Abbiamo sempre bisogno di voi per staccare, riposare, ritrovarci; andatevene pure, comunque, sarà tranquillamente Natale tutti i giorni perché Dio ha mandato Suo figlio a “condi-vivere” con noi, la nostra vita concreta. E tale incarnazione non è un evento unico, isolato al 25 dicembre o alla grotta ma è un processo avviato, che è continuato, comprendendo l’intera esistenza di Gesù, passando per la croce, fino all’altra grotta, il sepolcro, la risurrezione e la Pentecoste. Gesù è con noi e non tornerà più in cielo, non ci abbandona perché vive da risorto nella chiesa, da 2000 anni!

-Mettiamo via, allora, tutte le lucette, tanto ci è stata donata “la luce del mondo”, che squarcia le tenebre e guida la nostra ricerca di senso, come la stella per i Magi o la nube di fuoco per il popolo di Israele nel deserto, luce che ci offre la possibilità di guardare la nostra realtà illuminata dal Vangelo, da questa prospettiva inedita.

-Eliminiamo parole vuote e superficiali dell’abitudine, le frasi neutre, vaghe da bigliettini tipo “buone feste, auguri! a te e famiglia, serenità e pace! ” perché abbiamo ricevuto il Logos, la Parola, il Verbo di Dio che si è fatto carne ed è venuto ad abitare in mezzo a noi, una parola che è anche azione, promessa, alleanza che riempie i nostri vuoti e scuote le nostre mediocrità, la vera password per incontrare il volto paterno di Dio e vivere da figli; resi così capaci di parole buone, premurose, di dialogo, stima e responsabilità.

-Rimandiamo in Lapponia tutte le renne: tanto il bue e l’asinello potranno ricordarci l’umiltà tenace e la mansuetudine necessarie per accogliere l’iniziativa di Dio per le nostre vite, soprattutto quando l’orgoglio, l’invidia o la superficialità ci accecheranno.

-Buttiamo la paglia e le mangiatoie dei presepi: ora abbiamo le nostre mani, venendo alla comunione, per accogliere Gesù nella nostra vita ed imparare a vivere una fede cristiana che non sia coerenza a valori, fedeltà a tradizioni e conquista di meriti ma incontro vivo con una persona solidale dentro di noi.

-Facciamo scendere i babbi natali arrampicati alle terrazze, perché sarà ben più utile riconoscere che d’ora in avanti è Gesù, attraverso la sua Parola, a voler entrare nei nostri cuori da qualsiasi porta o finestra lo si voglia accogliere. 

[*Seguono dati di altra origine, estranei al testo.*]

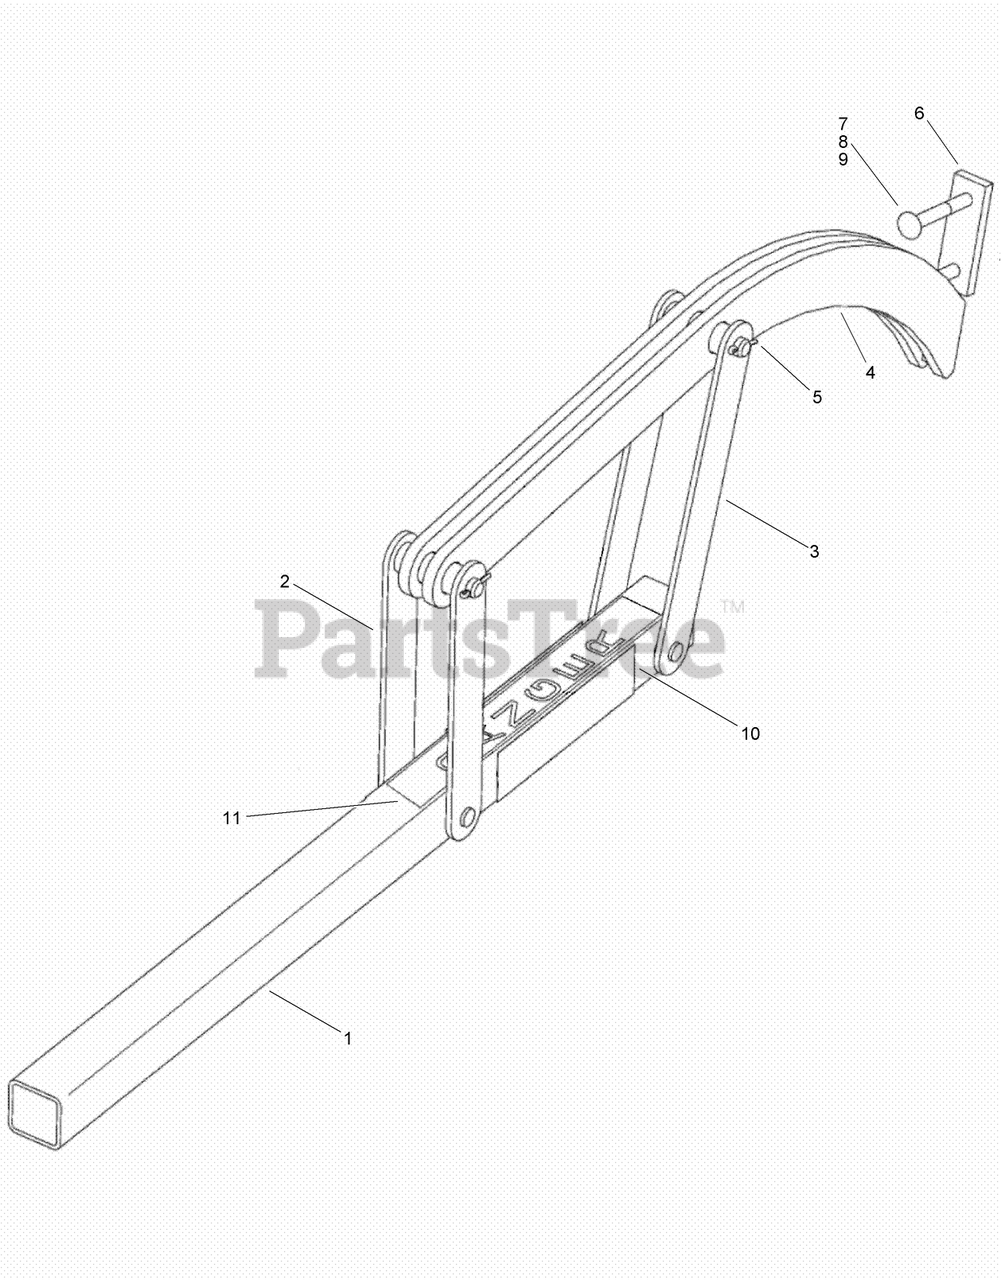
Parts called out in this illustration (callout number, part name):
1	TUBE-5 Foot Crumber
2	LINK-Crumber
3	LINK-boom to crumber, long
4	BLADE-Crumber
5	PIN-cotter, 3/16 x 1-1/4 inch
6	PLATE-spacer, bracket to blade
7	BOLT-CARR
8	WASHER-0.531 x 1.062 x 0.092 in CST ZND
9	NUT-LOCK, HEX
10	DECAL-Danger, Entanglement Hazard
11	DECAL-Danger

-Riponiamo tutte le prelibatezze che ci hanno saziato e fatto ingrassare perché c’è stato dato il corpo di Cristo, vero pane e vero cibo per la vita eterna, che non muore: non fa ingrassare, aiuta ad essere invece sempre più agili, sensibili, umani, rendendoci capaci di amare in modo nuovo, portando nella nostra carne la sua vita divina, la Sua capacità di amare, perdonare, sperare, credere.

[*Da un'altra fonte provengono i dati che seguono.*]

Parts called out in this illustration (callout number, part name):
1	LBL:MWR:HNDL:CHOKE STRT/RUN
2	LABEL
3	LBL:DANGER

-Lasciamo stare tutte le canzoncine natalizie perché potremo tornare a dire “Gloria a Dio nell’alto dei cieli e pace in terra agli uomini amati dal Signore”..

-Lasciamo riposare Babbo Natale: ora ai doni ci possiamo pensare noi! nel figlio incarnato abbiamo ricevuto il dono più grande: Lui che si dirà via, verità e vita, renda ciascuno di noi, come siamo, il dono più bello da condividere…soprattutto con gli ultimi e i più poveri di relazioni, dignità e qualità di vita.

-Lasciamo riposare pure la vecchia befana, perché Dio Padre ci ha donato Maria, madre che ci insegna a prendersi cura di Lui in noi, senza minacciare carbone o mandarini per i cattivi ma solo un surplus di amore ad oltranza per convertire i più indifferenti…senza punire ma solo e sempre per convertire e attirare a sé!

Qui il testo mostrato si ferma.